The Italian Trade Commission announced recently that the value of U.S. imported Italian machinery in 2008, including glass machinery, saw significant growth in 2008 compared to years prior. Italian glass machinery specifically was reported to have increased 7.4 percent ($26 million)--though U.S. glass machinery imports overall declined.

While the numbers may look positive, some machinery experts say the increase may not be completely reflective of current conditions, as they say glass machinery sales were down last year.

According to Mike Willard, executive vice president of Salem Distributing Co. in Winston-Salem, N.C., which represents several Italian machinery companies, the numbers might also not be reflective of the fluctuating exchange rate.

"Plus, those figures could be skewed from the purchase of one or two major lines," adds Willard.

Michael Spellman, president of Jupiter, Fla.-based IGE Solutions Inc., which also represents a number of Italian manufacturers, does agree that 2008 was a good year for the Italian suppliers.

"We had our best year in 2008 with our long-standing Italian client Forvet," says Spellman. "We were up more than 300 percent in 2008 compared to any other year."
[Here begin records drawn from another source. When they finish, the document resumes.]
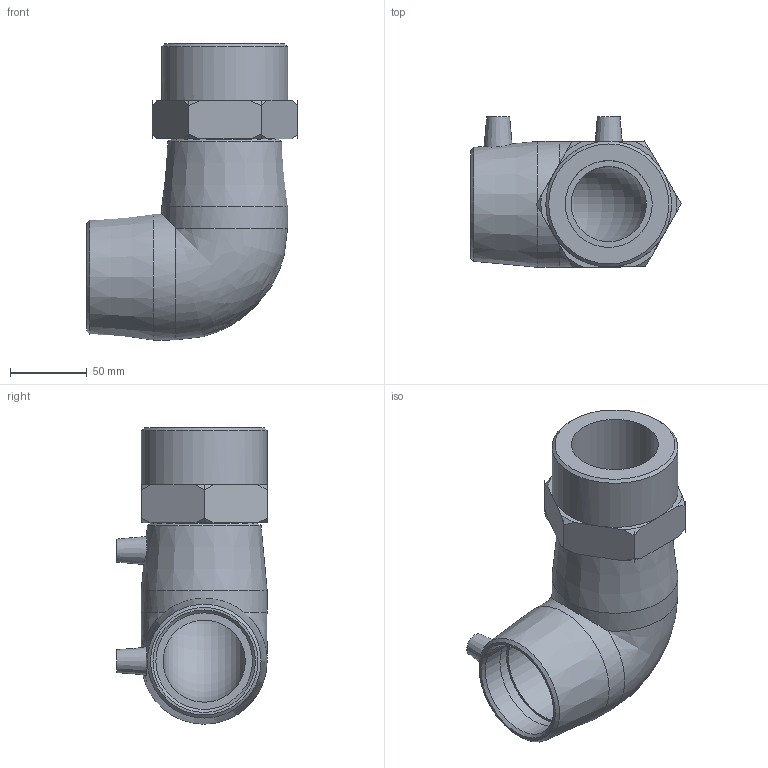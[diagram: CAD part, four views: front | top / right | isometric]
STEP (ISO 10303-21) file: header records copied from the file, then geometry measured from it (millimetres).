
FILE_DESCRIPTION(/* description */ ('PLASSON 90° ELBOW FEMALE TRANSITION 63 x 2'''''),/* implementation_level */ '2;1');
FILE_NAME(/* name */ 'C:\Dropbox\KIMPROJECTS-Inventor\99-16-3568-Processing\ElectroFusion Fittings\02.02.20\493504\493504063020N.ipt.stp',/* time_stamp */ '2020-02-02T12:34:40+02:00',/* author */ ('KIM'),/* organization */ (''),/* preprocessor_version */ 'ST-DEVELOPER v15.6',/* originating_system */ 'Autodesk Inventor 2015',/* authorisation */ '');
FILE_SCHEMA (('AUTOMOTIVE_DESIGN { 1 0 10303 214 3 1 1 }'));
Length unit declared in the file: millimetre
Products named in the file (1): 493504063020N
Bounding box: 137.34 x 98.11 x 193 mm (x, y, z)
Volume: 627170.9 mm3; surface area: 113811.9 mm2
Topology: 1 solids, 2 shells, 88 faces, 218 edges, 141 vertices
Faces by surface type: plane 39, cylinder 25, cone 22, bspline 1, torus 1
Full cylindrical faces by diameter (mm): 4 x2, 10 x2, 49 x1, 56.656 x1, 63 x4, 82 x3
Entity records: 2555 total; most frequent: CARTESIAN_POINT 536, DIRECTION 408, ORIENTED_EDGE 356, EDGE_CURVE 178, AXIS2_PLACEMENT_3D 168, VERTEX_POINT 129, EDGE_LOOP 127, STYLED_ITEM 89
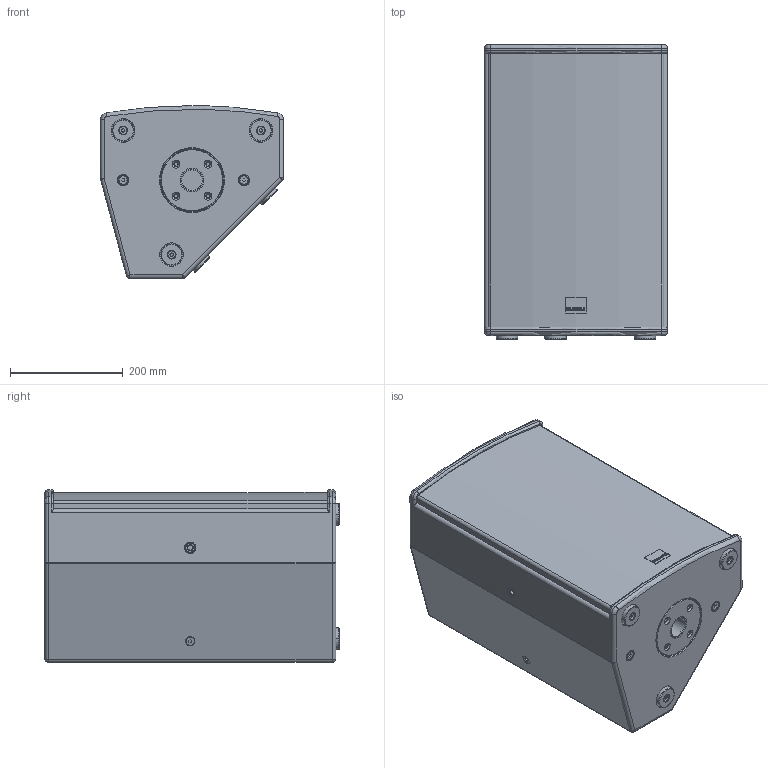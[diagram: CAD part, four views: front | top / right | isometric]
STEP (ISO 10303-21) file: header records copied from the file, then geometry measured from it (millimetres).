
FILE_DESCRIPTION (( 'STEP AP203' ), '1' );
FILE_NAME ('SEEBURG_A4.STEP', '2012-09-27T13:48:58', ( 'Fabian' ), ( '' ), 'SwSTEP 2.0', 'SolidWorks 2009', '' );
FILE_SCHEMA (( 'CONFIG_CONTROL_DESIGN' ));
Length unit declared in the file: millimetre
Products named in the file (2): SEEBURG_A4; A4
Assembly tree (1 placements, depth 2):
  SEEBURG_A4
    A4
Bounding box: 324 x 521 x 306 mm (x, y, z)
Surface area: 1761399 mm2 (no closed solid volume)
Topology: 0 solids, 28 shells, 716 faces, 1674 edges, 1047 vertices
Faces by surface type: cylinder 287, plane 237, cone 92, torus 82, sphere 12, bspline 6
Entity records: 24007 total; most frequent: CARTESIAN_POINT 7176, DIRECTION 3687, ORIENTED_EDGE 3324, EDGE_CURVE 1666, AXIS2_PLACEMENT_3D 1442, VERTEX_POINT 1043, EDGE_LOOP 821, VECTOR 803

He says while they had started to see the economy going down very late in 2007/early 2008, they really did not know what to expect. But he says that in 2008 many companies still had money to spend and still had access to money. He adds that many machinery purchases/capital investments had been in planning stages since 2005, 2006 or 2007.

Spellman also gives a lot of credit to how focused the Italian companies are, saying many of them have been working with glass processing machinery for more than 30 years.

"The Italians will always be a force in the marketplace because they are fine engineers, they have beautiful style and experience in the glass industry," says Spellman.

While 2008 may have been a good year, the forecast for 2009 does not look as encouraging. According to Spellman, there is still sales activity.

"Right now we are seeing the large players will not release any money for capital expenditures until at least April. Where we are seeing some activity is at the mid- to small-size company level-the companies that have kept lean during the good times, who have money and want to step up to the next level. Those are the companies taking steps toward fabrication and [producing] safety glass," Spellman says.

And though the market for traditional glass and other building products may be slow, now may be just the time to explore new markets.

Willard says they have had a lot of interest recently in their new HOAF laminating line, which does not require the expense of an autoclave.

"This is one way companies can get started with custom laminating," says Willard. "It also allows them to get started in the decorative business, creating products for applications such as partitions and skylights." He continues, "We are trying to show customers how they can create new avenues for growth."

Spellman has a similar view. "Companies could focus on other areas to utilize the equipment that they already have, which could allow them to penetrate other markets," he says. For example, Spellman recently traveled to Australia where he saw many fabricators producing backsplashes for kitchens and bathrooms. The backsplashes were made through the use of the same equipment many companies in the United States use-a tempering oven and low-iron glass.

"Companies here already have the capabilities to do something like that, and it's a minimal investment to get started," Spellman adds.